Bediüzzaman’ın siyasete yaklaşımı

Image
Bir çok meselede olduğu gibi, Bediüzzaman, siyasette de toptancı bir yaklaşım, yani “ya hep, ya hiç” şeklindeki bir anlayış içerisinde olmamıştır. Tıpkı Avrupa’yı, medeniyeti, felsefeyi menfî ve müsbet diyerek ikiye ayırdığı gibi siyaseti de menfî ve müsbet şeklinde ikiye ayırmıştır.
Bediüzzaman’ın bu iki siyasî anlayış tarzının tarif ve izahını ve bu iki siyasetle ilgili tavır ve duruşunu Risâle-i Nur’daki ilgili yerlerden öğrenmek mümkün.

Risâle-i Nur penceresinden müsbet siyaset anlayışını şöylece sıralamak mümkün:

1- Bütün siyasî faaliyetlerde, dînî değerleri her şeyin önünde, üzerinde tutmak. Buna vatan ve millet menfaatini de ekleyebiliriz. Yani Kur’ân’ı, dini, vatan ve millet menfaatini bütün siyasî mülâhazaların üstünde tutmak.

2- Siyasîleri dine dost yapmayı gaye edinen bir siyasî anlayış. Burada muhatap, hiçbir fark gözetmeden bütün siyasî anlayıştaki siyasiler olmalı. Onlara samimî bir yaklaşım içinde dinin bütün güzellikleri anlatılmalı. Dinin barıştırıcı ve birleştirici yönleri nazarlara verilerek, müsbet bir bağın devamına çalışılmalı.

3- Siyaseti dine âlet, yardımcı ve hizmetkâr yapmayı gaye edinen bir siyasî anlayış. Burada hedef, dine hizmet, dini neşir ve yaymak olduğuna göre; siyaset de olabildiğince dine yardımcı veya hizmetkâr yapılmalıdır. Günümüzün menfaat ve tarafgirlik üzerine yapılmakta olan siyasetini düşündüğünüzde, siyaseti dine hizmetkâr yapmanın hiç de kolay olmadığını; bu işin bir kabiliyet ve mahareti gerektirdiğini unutmamak gerekir.

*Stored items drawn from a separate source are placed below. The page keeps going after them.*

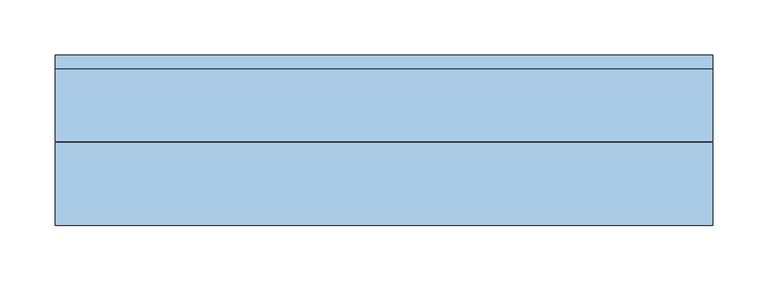
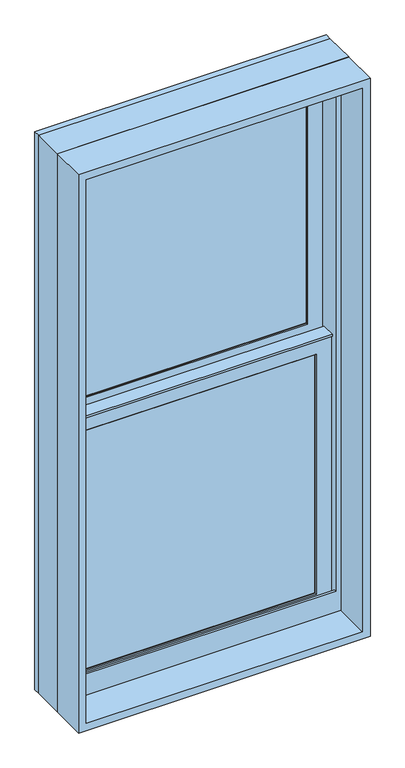
"""IFC4 building model written with IfcOpenShell, lengths in millimetres: window geometry, Window-Double_Hung-Marvin-Essential : ESDH2040."""

from ifc_helpers import new_model, si_unit, frame, origin, place, context, project, spatial, polyline, outline, extrude, faceted_brep, source, transform, mapped, element, save


def window_2436dc5c(model_context):
    return source(origin(), model_context, "Body", "SolidModel", [
        extrude(outline(polyline([(89.9583333, 20.6375), (89.9583333, 15.875), (70.9083333, 15.875), (70.9083333, 20.6375), (89.9583333, 20.6375)])), frame((0.0, 0.0, 1289.05), z_axis=(0.0, 0.0, 1.0), x_axis=(1.0, 0.0, 0.0)), (0.0, 0.0, 1.0), 527.05),
        extrude(outline(polyline([(-70.9083333, 20.6375), (-70.9083333, 15.875), (-89.9583333, 15.875), (-89.9583333, 20.6375), (-70.9083333, 20.6375)])), frame((0.0, 0.0, 1289.05), z_axis=(0.0, 0.0, 1.0), x_axis=(1.0, 0.0, 0.0)), (0.0, 0.0, 1.0), 527.05),
        extrude(outline(polyline([(241.3, 20.6375), (241.3, 15.875), (-241.3, 15.875), (-241.3, 20.6375), (241.3, 20.6375)])), frame((0.0, 0.0, 1543.05), z_axis=(0.0, 0.0, 1.0), x_axis=(1.0, 0.0, 0.0)), (0.0, 0.0, 1.0), 19.05),
        extrude(outline(polyline([(-89.9583333, 46.83125), (-89.9583333, 51.59375), (-70.9083333, 51.59375), (-70.9083333, 46.83125), (-89.9583333, 46.83125)])), frame((0.0, 0.0, 1854.2), z_axis=(0.0, 0.0, 1.0), x_axis=(1.0, 0.0, 0.0)), (0.0, 0.0, 1.0), 527.05),
        extrude(outline(polyline([(70.9083333, 46.83125), (70.9083333, 51.59375), (89.9583333, 51.59375), (89.9583333, 46.83125), (70.9083333, 46.83125)])), frame((0.0, 0.0, 1854.2), z_axis=(0.0, 0.0, 1.0), x_axis=(1.0, 0.0, 0.0)), (0.0, 0.0, 1.0), 527.05),
        extrude(outline(polyline([(-241.3, 46.83125), (-241.3, 51.59375), (241.3, 51.59375), (241.3, 46.83125), (-241.3, 46.83125)])), frame((0.0, 0.0, 2108.2), z_axis=(0.0, 0.0, 1.0), x_axis=(1.0, 0.0, 0.0)), (0.0, 0.0, 1.0), 19.05),
        extrude(outline(polyline([(89.9583333, 20.6375), (70.9083333, 20.6375), (70.9083333, 25.4), (89.9583333, 25.4), (89.9583333, 20.6375)])), frame((0.0, 0.0, 1289.05), z_axis=(0.0, 0.0, 1.0), x_axis=(1.0, 0.0, 0.0)), (0.0, 0.0, 1.0), 527.05),
        extrude(outline(polyline([(-70.9083333, 20.6375), (-89.9583333, 20.6375), (-89.9583333, 25.4), (-70.9083333, 25.4), (-70.9083333, 20.6375)])), frame((0.0, 0.0, 1289.05), z_axis=(0.0, 0.0, 1.0), x_axis=(1.0, 0.0, 0.0)), (0.0, 0.0, 1.0), 527.05),
        extrude(outline(polyline([(241.3, 20.6375), (-241.3, 20.6375), (-241.3, 25.4), (241.3, 25.4), (241.3, 20.6375)])), frame((0.0, 0.0, 1543.05), z_axis=(0.0, 0.0, 1.0), x_axis=(1.0, 0.0, 0.0)), (0.0, 0.0, 1.0), 19.05),
        extrude(outline(polyline([(-89.9583333, 56.35625), (-70.9083333, 56.35625), (-70.9083333, 51.59375), (-89.9583333, 51.59375), (-89.9583333, 56.35625)])), frame((0.0, 0.0, 1854.2), z_axis=(0.0, 0.0, 1.0), x_axis=(1.0, 0.0, 0.0)), (0.0, 0.0, 1.0), 527.05),
        extrude(outline(polyline([(70.9083333, 56.35625), (89.9583333, 56.35625), (89.9583333, 51.59375), (70.9083333, 51.59375), (70.9083333, 56.35625)])), frame((0.0, 0.0, 1854.2), z_axis=(0.0, 0.0, 1.0), x_axis=(1.0, 0.0, 0.0)), (0.0, 0.0, 1.0), 527.05),
        extrude(outline(polyline([(-241.3, 56.35625), (241.3, 56.35625), (241.3, 51.59375), (-241.3, 51.59375), (-241.3, 56.35625)])), frame((0.0, 0.0, 2108.2), z_axis=(0.0, 0.0, 1.0), x_axis=(1.0, 0.0, 0.0)), (0.0, 0.0, 1.0), 19.05),
        faceted_brep([(-268.2875, 5.6780605, 1846.1351748), (-268.2875, 5.6780605, 1841.5), (268.2875, 5.6780605, 1841.5), (268.2875, 5.6780605, 1846.1351748), (-268.2875, 34.8118605, 1846.1351748), (268.2875, 34.8118605, 1846.1351748), (268.2875, 34.8118605, 1841.5), (-268.2875, 34.8118605, 1841.5), (-268.2875, 30.1625, 1841.5), (-268.2875, 30.1625, 1262.0625), (-268.2875, 8.9241104, 1262.0625), (-268.2875, 8.9241104, 1841.5), (268.2875, 8.9241104, 1841.5), (268.2875, 30.1625, 1841.5), (268.2875, 8.9241104, 1262.0625), (268.2875, 30.1625, 1262.0625), (-252.4034752, 11.90625, 1827.2034752), (-252.4034752, 30.1625, 1827.2034752), (252.4034752, 30.1625, 1827.2034752), (252.4034752, 11.90625, 1827.2034752), (-235.74375, 10.4662439, 1810.54375), (-235.74375, 11.90625, 1810.54375), (235.74375, 11.90625, 1810.54375), (235.74375, 10.4662439, 1810.54375), (237.2858834, 8.9241104, 1812.0858834), (-237.2858834, 8.9241104, 1812.0858834), (252.4034752, 30.1625, 1277.9465248), (252.4034752, 11.90625, 1277.9465248), (235.74375, 11.90625, 1294.60625), (235.74375, 10.4662439, 1294.60625), (237.2858834, 8.9241104, 1293.0641166), (-252.4034752, 30.1625, 1277.9465248), (-252.4034752, 11.90625, 1277.9465248), (-235.74375, 11.90625, 1294.60625), (-235.74375, 10.4662439, 1294.60625), (-237.2858834, 8.9241104, 1293.0641166)], [[[0, 1, 2, 3]], [[4, 5, 6, 7]], [[1, 0, 4, 7, 8, 9, 10, 11]], [[2, 1, 11, 12]], [[7, 6, 13, 8]], [[3, 2, 12, 14, 15, 13, 6, 5]], [[0, 3, 5, 4]], [[16, 17, 18, 19]], [[20, 21, 22, 23]], [[20, 23, 24, 25]], [[19, 18, 26, 27]], [[23, 22, 28, 29]], [[24, 23, 29, 30]], [[27, 26, 31, 32]], [[29, 28, 33, 34]], [[30, 29, 34, 35]], [[15, 14, 10, 9]], [[15, 9, 8, 13], [18, 17, 31, 26]], [[17, 16, 32, 31]], [[16, 19, 27, 32], [22, 21, 33, 28]], [[21, 20, 34, 33]], [[20, 25, 35, 34]], [[10, 14, 12, 11], [25, 24, 30, 35]]]),
        extrude(outline(polyline([(38.5955581, 1827.2125), (33.5778968, 1827.2125), (33.5778968, 1828.8), (39.9405976, 1828.8), (39.9405976, 1827.2125), (61.515625, 1827.2125), (47.6307501, 1823.8975159), (38.5955581, 1823.8975159), (38.5955581, 1827.2125)])), frame((-268.2875, 0.0, 0.0), z_axis=(1.0, 0.0, 0.0), x_axis=(0.0, 1.0, 0.0)), (0.0, 0.0, 1.0), 536.575),
        faceted_brep([(298.45, 0.0, 1231.9), (298.45, 0.0, 2438.4), (-298.45, 0.0, 2438.4), (-298.45, 0.0, 1231.9), (272.25625, 0.0, 1293.01875), (-272.25625, 0.0, 1293.01875), (-272.25625, 0.0, 2412.20625), (272.25625, 0.0, 2412.20625), (272.25625, 3.96875, 1231.9), (-272.25625, 3.96875, 1231.9), (-272.25625, 3.96875, 1293.01875), (272.25625, 3.96875, 1293.01875), (-298.45, 65.6828125, 1231.9), (-272.25625, 65.6828125, 1231.9), (272.25625, 65.6828125, 1231.9), (298.45, 65.6828125, 1231.9), (-298.45, 65.6828125, 2438.4), (298.45, 65.6828125, 2438.4), (272.25625, 65.6828125, 2412.20625), (-272.25625, 65.6828125, 2412.20625)], [[[0, 1, 2, 3], [4, 5, 6, 7]], [[8, 9, 10, 11]], [[5, 4, 11, 10]], [[0, 3, 12, 13, 9, 8, 14, 15]], [[13, 12, 16, 17, 15, 14, 18, 19]], [[13, 19, 6, 5, 10, 9]], [[7, 6, 19, 18]], [[18, 14, 8, 11, 4, 7]], [[1, 0, 15, 17]], [[2, 1, 17, 16]], [[3, 2, 16, 12]]]),
        faceted_brep([(272.25625, 30.1625, 1835.15), (270.66875, 30.1625, 1835.15), (270.66875, 30.1625, 1256.2544613), (272.25625, 30.1625, 1256.2544613), (-270.66875, 30.1625, 1835.15), (-272.25625, 30.1625, 1835.15), (-272.25625, 30.1625, 1256.2544613), (-270.66875, 30.1625, 1256.2544613), (270.66875, 63.5, 1835.15), (272.25625, 63.5, 1835.15), (272.25625, 63.5, 1249.7743077), (270.66875, 63.5, 1249.7743077), (-272.25625, 63.5, 1835.15), (-270.66875, 63.5, 1835.15), (-270.66875, 63.5, 1249.7743077), (-272.25625, 63.5, 1249.7743077), (283.5108932, 3.96875, 1261.3460105), (283.5108932, 3.96875, 1231.9), (283.5108932, 65.6828125, 1231.9), (283.5108932, 65.6828125, 1249.350012), (-283.5108932, 3.96875, 1231.9), (-283.5108932, 3.96875, 1261.3460105), (-283.5108932, 65.6828125, 1249.350012), (-283.5108932, 65.6828125, 1231.9), (283.5108932, 78.58125, 1246.8428097), (-283.5108932, 78.58125, 1246.8428097), (-281.4971252, 68.2348864, 1248.8539391), (-263.53135, 68.2348864, 1248.8539391), (-263.53135, 65.6828125, 1249.350012), (263.53135, 65.6828125, 1249.350012), (263.53135, 68.2348864, 1248.8539391), (281.4971252, 68.2348864, 1248.8539391), (-298.45, 65.6828125, 1231.9), (-298.45, 78.5948249, 1231.9), (298.45, 78.5948249, 1231.9), (298.45, 65.6828125, 1231.9), (-298.45, 78.58125, 2438.4), (298.45, 78.58125, 2438.4), (283.5108932, 78.58125, 2423.4608932), (-283.5108932, 78.58125, 2423.4608932), (-298.45, 65.6828125, 2438.4), (-281.4971252, 68.2348864, 2421.4471252), (281.4971252, 68.2348864, 2421.4471252), (263.53135, 68.2348864, 2403.48135), (-263.53135, 68.2348864, 2403.48135), (-263.53135, 65.6828125, 2403.48135), (263.53135, 65.6828125, 2403.48135), (298.45, 65.6828125, 2438.4)], [[[0, 1, 2, 3]], [[4, 5, 6, 7]], [[8, 9, 10, 11]], [[12, 13, 14, 15]], [[1, 8, 11, 2]], [[9, 0, 3, 10]], [[1, 0, 9, 8]], [[5, 4, 13, 12]], [[5, 12, 15, 6]], [[13, 4, 7, 14]], [[16, 17, 18, 19]], [[20, 21, 22, 23]], [[24, 25, 26, 27, 28, 22, 21, 16, 19, 29, 30, 31], [3, 2, 11, 10], [7, 6, 15, 14]], [[17, 16, 21, 20]], [[17, 20, 23, 32, 33, 34, 35, 18]], [[34, 33, 36, 37], [25, 24, 38, 39]], [[33, 32, 40, 36]], [[39, 41, 26, 25]], [[41, 42, 31, 30, 43, 44, 27, 26]], [[44, 45, 28, 27]], [[40, 32, 23, 22, 28, 45, 46, 29, 19, 18, 35, 47]], [[36, 40, 47, 37]], [[39, 38, 42, 41]], [[44, 43, 46, 45]], [[34, 37, 47, 35]], [[42, 38, 24, 31]], [[46, 43, 30, 29]]]),
        extrude(outline(polyline([(248.44375, 11.90625), (-248.44375, 11.90625), (-248.44375, 15.08125), (248.44375, 15.08125), (248.44375, 11.90625)])), frame((0.0, 0.0, 1281.90625), z_axis=(0.0, 0.0, 1.0), x_axis=(1.0, 0.0, 0.0)), (0.0, 0.0, 1.0), 541.3375),
        extrude(outline(polyline([(248.44375, 42.8625), (-248.44375, 42.8625), (-248.44375, 46.0375), (248.44375, 46.0375), (248.44375, 42.8625)])), frame((0.0, 0.0, 1847.05625), z_axis=(0.0, 0.0, 1.0), x_axis=(1.0, 0.0, 0.0)), (0.0, 0.0, 1.0), 541.3375),
        faceted_brep([(-235.74375, 31.194477, 1810.54375), (-237.2858834, 32.7366104, 1812.0858834), (237.2858834, 32.7366104, 1812.0858834), (235.74375, 31.194477, 1810.54375), (-235.74375, 30.1625, 1810.54375), (235.74375, 30.1625, 1810.54375), (-268.2875, 32.7366104, 1843.0875), (-268.2875, 30.1625, 1843.0875), (268.2875, 30.1625, 1843.0875), (268.2875, 32.7366104, 1843.0875), (237.2858834, 32.7366104, 1293.0641166), (235.74375, 31.194477, 1294.60625), (235.74375, 30.1625, 1294.60625), (268.2875, 30.1625, 1262.0625), (268.2875, 32.7366104, 1262.0625), (-237.2858834, 32.7366104, 1293.0641166), (-235.74375, 31.194477, 1294.60625), (-235.74375, 30.1625, 1294.60625), (-268.2875, 30.1625, 1262.0625), (-268.2875, 32.7366104, 1262.0625)], [[[0, 1, 2, 3]], [[4, 0, 3, 5]], [[6, 7, 8, 9]], [[3, 2, 10, 11]], [[5, 3, 11, 12]], [[9, 8, 13, 14]], [[11, 10, 15, 16]], [[12, 11, 16, 17]], [[14, 13, 18, 19]], [[9, 14, 19, 6], [1, 15, 10, 2]], [[16, 15, 1, 0]], [[17, 16, 0, 4]], [[7, 18, 13, 8], [5, 12, 17, 4]], [[19, 18, 7, 6]]]),
        faceted_brep([(-252.4034752, 42.8625, 2392.3534752), (-252.4034752, 61.11875, 2392.3534752), (252.4034752, 61.11875, 2392.3534752), (252.4034752, 42.8625, 2392.3534752), (-235.74375, 41.4224939, 2375.69375), (-235.74375, 42.8625, 2375.69375), (235.74375, 42.8625, 2375.69375), (235.74375, 41.4224939, 2375.69375), (-237.2858834, 39.8803604, 2377.2358834), (237.2858834, 39.8803604, 2377.2358834), (-268.2875, 61.11875, 2408.2375), (-268.2875, 39.8803604, 2408.2375), (268.2875, 39.8803604, 2408.2375), (268.2875, 61.11875, 2408.2375), (252.4034752, 61.11875, 1843.0965248), (252.4034752, 42.8625, 1843.0965248), (235.74375, 42.8625, 1859.75625), (235.74375, 41.4224939, 1859.75625), (237.2858834, 39.8803604, 1858.2141166), (268.2875, 39.8803604, 1827.2125), (268.2875, 61.11875, 1827.2125), (-252.4034752, 61.11875, 1843.0965248), (-252.4034752, 42.8625, 1843.0965248), (-235.74375, 42.8625, 1859.75625), (-235.74375, 41.4224939, 1859.75625), (-237.2858834, 39.8803604, 1858.2141166), (-268.2875, 39.8803604, 1827.2125), (-268.2875, 61.11875, 1827.2125)], [[[0, 1, 2, 3]], [[4, 5, 6, 7]], [[8, 4, 7, 9]], [[10, 11, 12, 13]], [[3, 2, 14, 15]], [[7, 6, 16, 17]], [[9, 7, 17, 18]], [[13, 12, 19, 20]], [[15, 14, 21, 22]], [[17, 16, 23, 24]], [[18, 17, 24, 25]], [[20, 19, 26, 27]], [[13, 20, 27, 10], [1, 21, 14, 2]], [[22, 21, 1, 0]], [[3, 15, 22, 0], [5, 23, 16, 6]], [[24, 23, 5, 4]], [[25, 24, 4, 8]], [[11, 26, 19, 12], [9, 18, 25, 8]], [[27, 26, 11, 10]]]),
        faceted_brep([(-268.2875, 61.11875, 1827.2125), (-268.2875, 63.6928604, 1827.2125), (268.2875, 63.6928604, 1827.2125), (268.2875, 61.11875, 1827.2125), (-235.74375, 62.150727, 1859.75625), (-235.74375, 61.11875, 1859.75625), (235.74375, 61.11875, 1859.75625), (235.74375, 62.150727, 1859.75625), (-237.2858834, 63.6928604, 1858.2141166), (237.2858834, 63.6928604, 1858.2141166), (268.2875, 63.6928604, 2408.2375), (268.2875, 61.11875, 2408.2375), (235.74375, 61.11875, 2375.69375), (235.74375, 62.150727, 2375.69375), (237.2858834, 63.6928604, 2377.2358834), (-268.2875, 63.6928604, 2408.2375), (-268.2875, 61.11875, 2408.2375), (-235.74375, 61.11875, 2375.69375), (-235.74375, 62.150727, 2375.69375), (-237.2858834, 63.6928604, 2377.2358834)], [[[0, 1, 2, 3]], [[4, 5, 6, 7]], [[8, 4, 7, 9]], [[3, 2, 10, 11]], [[7, 6, 12, 13]], [[9, 7, 13, 14]], [[11, 10, 15, 16]], [[13, 12, 17, 18]], [[14, 13, 18, 19]], [[16, 15, 1, 0]], [[3, 11, 16, 0], [5, 17, 12, 6]], [[18, 17, 5, 4]], [[19, 18, 4, 8]], [[1, 15, 10, 2], [9, 14, 19, 8]]]),
        extrude(outline(polyline([(248.44375, 26.19375), (-248.44375, 26.19375), (-248.44375, 30.1625), (248.44375, 30.1625), (248.44375, 26.19375)])), frame((0.0, 0.0, 1281.90625), z_axis=(0.0, 0.0, 1.0), x_axis=(1.0, 0.0, 0.0)), (0.0, 0.0, 1.0), 541.3375),
        extrude(outline(polyline([(248.44375, 57.15), (-248.44375, 57.15), (-248.44375, 61.11875), (248.44375, 61.11875), (248.44375, 57.15)])), frame((0.0, 0.0, 1847.05625), z_axis=(0.0, 0.0, 1.0), x_axis=(1.0, 0.0, 0.0)), (0.0, 0.0, 1.0), 541.3375),
        extrude(outline(polyline([(2438.4, 298.45), (2438.4, -298.45), (1231.9, -298.45), (1231.9, 298.45), (2438.4, 298.45)]), holes=[polyline([(2422.525, 282.575), (1247.775, 282.575), (1247.775, -282.575), (2422.525, -282.575), (2422.525, 282.575)])]), frame((0.0, -76.2, 0.0), z_axis=(0.0, 1.0, 0.0), x_axis=(0.0, 0.0, 1.0)), (0.0, 0.0, 1.0), 75.40625),
    ])


if __name__ == "__main__":
    model = new_model("IFC4")
    model_context = context("Model", 3, world=origin())
    ifc_project = project(units=[si_unit("LENGTHUNIT", "METRE", prefix="MILLI")], contexts=[model_context])
    site = spatial("IfcSite", under=ifc_project)
    building = spatial("IfcBuilding", under=site)
    placement = place(None, origin())
    window_shape = window_2436dc5c(model_context)
    element("IfcWindow", 1, ObjectType="Window-Double_Hung-Marvin-Essential : ESDH2040", at=placement, inside=building, context=model_context, shape_type="MappedRepresentation", body=[
        mapped(window_shape, transform((0.0, 0.0, 0.0), x_axis=(1.0, 0.0, 0.0), y_axis=(0.0, 1.0, 0.0), z_axis=(0.0, 0.0, 1.0))),
    ])
    save(model, "model.ifc")

# Revit data of these elements
# Type "Window-Double_Hung-Marvin-Essential : ESDH2040"
#   Type Mark = "48"
#   Window Type = "Essential Double Hung"
#   Product data url = "https://bimobject.com/marvin-windows-and-doors/product/marvin-dhwau"
#   Product Guid = "c4a96547-874c-4385-91dc-a058adc19d98"
#   Frame = "All Ultrex"
#   Egress Window = "No"
#   URL = "www.marvin.com"
#   Model = "ESDH2040"
#   Manufacturer = "Marvin Windows and Doors"
#   Label Egress = ""
#   Glass Type = "IG Low E II with Argon"
#   Design Pressure = "DP50"
#   Description = "2448 DBHG"
#   Analytic Construction = "<None>"
#   Prairie Corner Width = 0' - 4"
#   Prairie Corner Height = 0' - 4"
#   Egress Width = 1' - 8 9/16"
#   Egress Height = 1' - 7 27/128"
#   Rough Width = 2' - 0"
#   Rough Height = 4' - 0"
#   Nominal Width = 2' - 0"
#   Nominal Height = 4' - 0"
#   Inset to Installation Flange [instance default] = 0' - 1"
#   Height = 3' - 11 1/2"
#   Egress Area = 2.74323 SF
#   Default Head Height = 8' - 0"
#   Width = 1' - 11 1/2"
#   Daylight Area = 5.23682 SF
#   DLO Width = 1' - 6 9/16"
#   DLO Height = 1' - 8 5/16"
#   Muntins Top Sash = yes
#   Lites Wide Top Sash = 3
#   Lites Wide Bottom Sash = 3
#   Lites High Top Sash = 2
#   Lites High Bottom Sash = 2
#   Lite Cut Prairie 9 = no
#   Lite Cut HV Grid = yes
#   Muntins Bottom Sash = yes
#   Label Visibility = no
#   Jamb Extension Visibility = yes
#   Edition number = 1
#   Interior Material = Ultrex-Marvin-Stonewhite
#   Glazing Material = Glass-Marvin-IG Low E II with Argon
#   Cladding Material = Ultrex-Marvin-Pebblegray
#   Wall Closure = (empty or 0)
#   Assembly Code = ""
# Element 1 (IfcWindow, "Window-Double_Hung-Marvin-Essential : ESDH2040")
#   Materials on its faces: "Ultrex-Marvin-Pebblegray", "Ultrex-Marvin-Stonewhite", "Glass-Marvin-IG Low E II with Argon"
# Materials
#   "Ultrex-Marvin-Stonewhite": class "Paint", colour RGB 250 251 245, transparency 0
#   "Glass-Marvin-IG Low E II with Argon": class "Glass", colour RGB 0 128 192, transparency 0.85
#   "Ultrex-Marvin-Pebblegray": class "Paint", colour RGB 189 185 173, transparency 0

4- Siyasî anlayış ve faaliyetlerde her türlü ifrat ve tefritten uzak, makul, dengeli, vasat olan anlayışı esas alan bir siyasî yaklaşım içinde olmak.
Burada gerek destek verdiğimiz, gerekse karşı olduğumuz bütün siyasî parti ve kadrolara karşı aşırılıklara girmeden, tarafgirliklere sapmadan, medenî münasebetleri bozmadan, müsbet yaklaşımları öne çıkararak, ‘hüsn-ü zan ve adem-i itimat’ esasları çerçevesinde bir tavır içinde bulunmak. Bizim için siyasetin bir amaç değil, araç olduğunu göz önünde bulundurarak, beğenmediğimiz siyasî kadroların da bazan makul yönlerinin bulunabileceğini; fikir ve düşüncelerimize yakın görerek destek verdiğimiz siyasî kadroların da mahza hayır değil, ehven-i şer mesabesinde olduklarını göz önünde bulundurmamız lâzım.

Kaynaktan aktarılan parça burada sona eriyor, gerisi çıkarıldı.